We saw that there are a very little set of used ip addresses, so we tried to find which could be more important/interesting than other. We saw that the most important (as well as used) are communication between 

- '10.0.2.15' and '54.93.77.70'
- '10.0.2.15' and '62.210.85.178'

What is interesting to notice is that there is no communication at all between '62.210.85.178' and '54.93.77.70'. Also, there is generally more messages between '10.0.2.15' and '62.210.85.178': we could use it to find if it is because of the impact of the zone. 

In [None]:
def ip_10_54(sample_data):
    #return all communication between '10.0.2.15' and '54.93.77.70' 
    return [q[1:] for q in sample_data if((q[2]=='10.0.2.15' and q[3]=='54.93.77.70') or 
            (q[2]=='54.93.77.70' and q[3]=='10.0.2.15'))]

def ip_10_62(sample_data):
    #return all communication between '10.0.2.15' and '62.210.85.178'
    return [q[1:] for q in sample_data if((q[2]=='10.0.2.15' and q[3]=='62.210.85.178') or 
                                      (q[2]=='62.210.85.178' and q[3]=='10.0.2.15'))] 

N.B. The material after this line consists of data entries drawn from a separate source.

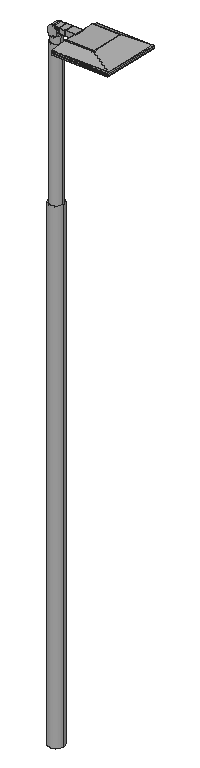
Revit family "Platek_Tarsius_Pole with 1 Luminair", category Apparecchi per illuminazione, Revit 2017
Family settings
  Quota connettore circolare = Usa diametro
  Tipo di parte = Normale
  Basato su piano di lavoro = Sì
  Sempre verticale = No
  Taglio con vuoti quando caricato = No
  Sorgente d'illuminazione = Sì
  Condiviso = Sì
  Punto di calcolo locali = No
Parameters (values of type "8750718_50,5W_LED_3000K_H4000mm")
  Wattage = 28.5778 W
  Variazione temperatura colore lampada con luminosità attenuata = <Nessuno>
  URL = "www.platek.eu"
  built-in parameter 1150107 = 3000 (stored number, unit not read)
  Supply Voltage Min = 220 V
  Supply Voltage Max = 240 V
  Supply Voltage = 230 V
  Rendi la forma visibile nel rendering = no
  Prospetto di default = 1219.200 mm
  Produttore = "PLATEK SRL"  # constant formula
  Product Page URL = "http://www.platek.eu/ita/catalogo.php?catseaname=tarsius"
  Product Documentation Link = "http://www.platek.eu/ita/catalogo.php?catseaname=tarsius"
  Product Dimension = "L498mm x W350mm x H60mm"
  Power Supply Unit = "Included"
  Pole Dimension = "Ø88,9mm H4000mm"
  built-in parameter 1150110 = 1 (stored number, unit not read)
  built-in parameter 1150109 = 1 (stored number, unit not read)
  built-in parameter 1114218 = 1 (stored number, unit not read)
  built-in parameter 1150112 = 1 (stored number, unit not read)
  PLATEK FInishes = "Painted Aluminium Avalaible in Anthracite/Black/White/Corten/Bronze"
  PLATEK Article Code = "8750718"
  Nota chiave = "Other Led colors available on request"
  Mounting Type = "Ground"
  Modello = "Tarsius"  # constant formula
  built-in parameter 1150137 = (empty or 0)
  built-in parameter 1150132 = 2
  Manufacturer Comment = "Transparent Diffuser and Street Optic"
  Luminaire Wattage = 50.5 W
  Luminaire Luminous Intensity = 2440.96 cd
  Luminaire Luminous Flux = 4245 lm
  Light Source = PLK_Light Source
  Lampada = "LED"
  LED Protection = "Surge protection included"
  built-in parameter 1150105 = 337.81 (stored number, unit not read)
  built-in parameter 1150102 = (empty or 0)
  Insulation Class = "2"
  Immagine tipo = tarsius_pole.jpg
  built-in parameter 1150106 = 3.3781 (stored number, unit not read)
  IP Rating = "IP66"
  IK Rating = "IK 10"
  Heght Pole 2 = if(H Pole 930, 930.000 mm, if(H Pole 930, 930.000 mm, if(H Pole 2730, 2730.000 mm, 930.000 mm)))  # 930.000 mm
  Heght Pole 1 = if(H Pole3000, 3000.000 mm, if(H Pole5000, 5000.000 mm, if(H Pole5200, 5200.000 mm, 930.000 mm)))  # 3000.000 mm
  H Pole5200 = no
  H Pole5000 = no
  H Pole3000 = yes
  H Pole 930 = yes
  H Pole 2730 = no
  Frequency = "0/50/60 Hz"
  Lumens = 4245 lm
  Color Filter = 16777215
  File diagramma fotometrico = "8750718.IES"
  built-in parameter 1114217 = 1 (stored number, unit not read)
  built-in parameter 1150139 = (empty or 0)
  Energy Efficiency Rating = "A/A+/A++"
  Emetti da lunghezza rettangolo = 196.000 mm
  Emetti da larghezza rettangolo = 260.000 mm
  built-in parameter 1150104 = 13.8 (stored number, unit not read)
  built-in parameter 1150115 = 1 (stored number, unit not read)
  built-in parameter 1150114 = 1 (stored number, unit not read)
  built-in parameter 1150113 = 1 (stored number, unit not read)
  Dimmable = "Midnight"
  Diffuse Type = "4mm PMMA transparent difuser"
  Descrizione = "Outdoor Lighting, Street and Park areas"
  Commenti sul tipo = "Parking areas, Urban zones, Roads"
  Colour Temperature = 3000 K
  built-in parameter 1150134 = (empty or 0)
  built-in parameter 1150138 = (empty or 0)
  Codice assieme = "8750718.06(Grey); 8750718.08(Anthracite); 8750718.01(Black); 8750718.02(White); 8750718.07(Corten); 8750718.09(Bronze)"
  Apparent Load = 0 VA
  Cable Lenght = "Cable length 8 m"
  CRI = ">80"
  Body = PLK_Grey
  Beam Angle = 0.00°
  Angolo inclinazione = 90.00°
  Aluminium = PLK_Aluminium
  built-in parameter 1150133 = 10 (stored number, unit not read)
Types (13, lengths in mm): name | Wattage | Pole Dimension | PLATEK Article Code | Manufacturer Comment | Luminaire Wattage | Luminaire Luminous Intensity | Luminaire Luminous Flux | built-in parameter 1150105 | built-in parameter 1150106 | Heght Pole 2 | Heght Pole 1 | H Pole5200 | H Pole5000 | H Pole3000 | H Pole 930 | H Pole 2730 | Lumens | File diagramma fotometrico | Emetti da lunghezza rettangolo | Emetti da larghezza rettangolo | Dimmable | Codice assieme | Aluminium
  (no name) | 28.5778 W | "Ø88,9mm H4000mm" | "8750718" | "Transparent Diffuser and Street Optic" | 50.5 W | 2440.96 cd | 4245 lm | 337.81 (stored number, unit not read) | 3.3781 (stored number, unit not read) | 930.000 | 3000.000 | no | no | yes | yes | no | 4245 lm | "8750718.IES" | 196.000 | 260.000 | "Midnight" | "8750718.06(Grey); 8750718.08(Anthracite); 8750718.01(Black); 8750718.02(White); 8750718.07(Corten); 8750718.09(Bronze)" | PLK_Aluminium
  8750918_57,8W_LED_3000K_H4000mm | 34.4414 W | "Ø88,9mm H4000mm" | "8750918" | "Transparent Diffuser and Street Optic" | 57.8 W | 2942 cd | 5116 lm | 2941.8 (stored number, unit not read) | 29.418 (stored number, unit not read) | 930.000 | 3000.000 | no | no | yes | yes | no | 5116 lm | "8750918.IES" | 196.000 | 260.000 | "DALI" | "8750918.06(Grey); 8750918.08(Anthracite); 8750918.01(Black); 8750918.02(White); 8750918.07(Corten); 8750918.09(Bronze)" | PLK_Light Source
  8750719_50,5W_LED_3000K_H4000mm | 28.5778 W | "Ø88,9mm H4000mm" | "8750719" | "Transparent Diffuser and Asymmetrical Optic" | 50.5 W | 2440.96 cd | 4245 lm | 337.81 (stored number, unit not read) | 3.3781 (stored number, unit not read) | 930.000 | 3000.000 | no | no | yes | yes | no | 4245 lm | "8750719.IES" | 196.000 | 260.000 | "Midnight" | "8750719.06(Grey); 8750719.08(Anthracite); 8750719.01(Black); 8750719.02(White); 8750719.07(Corten); 8750719.09(Bronze)" | PLK_Light Source
  8750718_50,5W_LED_3000K_H4000mm | 28.5778 W | "Ø88,9mm H4000mm" | "8750718" | "Transparent Diffuser and Street Optic" | 50.5 W | 2440.96 cd | 4245 lm | 337.81 (stored number, unit not read) | 3.3781 (stored number, unit not read) | 930.000 | 3000.000 | no | no | yes | yes | no | 4245 lm | "8750718.IES" | 196.000 | 260.000 | "Midnight" | "8750718.06(Grey); 8750718.08(Anthracite); 8750718.01(Black); 8750718.02(White); 8750718.07(Corten); 8750718.09(Bronze)" | PLK_Aluminium
  8750919_57,8W_LED_3000K_H4000mm | 30.86 W | "Ø88,9mm H6000mm" | "8750919" | "Transparent Diffuser and Asymmetrical Optic" | 57.8 W | 2701.98 cd | 4584 lm | 2701.9 (stored number, unit not read) | 27.019 (stored number, unit not read) | 930.000 | 3000.000 | no | no | yes | yes | no | 4584 lm | "8750919.IES" | 196.000 | 260.000 | "DALI" | "8750919.06(Grey); 8750919.08(Anthracite); 8750919.01(Black); 8750919.02(White); 8750919.07(Corten); 8750919.09(Bronze)" | PLK_Light Source
  8750718_50,5W_LED_3000K_H6000mm | 28.5778 W | "Ø88,9mm H6000mm" | "8750718" | "Transparent Diffuser and Street Optic" | 50.5 W | 2440.96 cd | 4245 lm | 337.81 (stored number, unit not read) | 3.3781 (stored number, unit not read) | 930.000 | 5000.000 | no | yes | no | yes | no | 4245 lm | "8750718.IES" | 260.000 | 196.000 | "Midnight" | "8750718.06(Grey); 8750718.08(Anthracite); 8750718.01(Black); 8750718.02(White); 8750718.07(Corten); 8750718.09(Bronze)" | PLK_Aluminium
  8750718_50,5W_LED_3000K_H8000mm | 28.5778 W | "Ø88,9mm H8000mm" | "8750718" | "Transparent Diffuser and Street Optic" | 50.5 W | 2440.96 cd | 4245 lm | 337.81 (stored number, unit not read) | 3.3781 (stored number, unit not read) | 2730.000 | 5200.000 | yes | no | no | no | yes | 4245 lm | "8750718.IES" | 196.000 | 260.000 | "Midnight" | "8750718.06(Grey); 8750718.08(Anthracite); 8750718.01(Black); 8750718.02(White); 8750718.07(Corten); 8750718.09(Bronze)" | PLK_Aluminium
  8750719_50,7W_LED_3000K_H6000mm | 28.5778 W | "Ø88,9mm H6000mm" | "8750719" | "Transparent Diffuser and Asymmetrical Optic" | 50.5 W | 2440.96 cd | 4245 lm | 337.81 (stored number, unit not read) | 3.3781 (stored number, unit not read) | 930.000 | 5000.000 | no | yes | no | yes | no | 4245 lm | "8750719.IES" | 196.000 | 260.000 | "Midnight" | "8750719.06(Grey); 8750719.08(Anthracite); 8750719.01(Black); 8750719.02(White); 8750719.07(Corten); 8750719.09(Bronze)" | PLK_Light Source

What we found out is that there is two type of messages in a communication: TCP messages and TLS messages. So we now want to try to separate them and see if we can do something about them. TLS messages have always "application data" information, which mean that those are messages from the application, that carries user request and server's answer. We found out that there is more TCP messages than TLS messages, so we will try to use this information as a feature as well.

In [None]:
def remove_tls(sample_data):
    #return only tcp messages. Sample data should be data returned by ip_10_54 or ip_10_62 functions
    return [q for q in sample_data if(q[3]!='TLSv1.2')]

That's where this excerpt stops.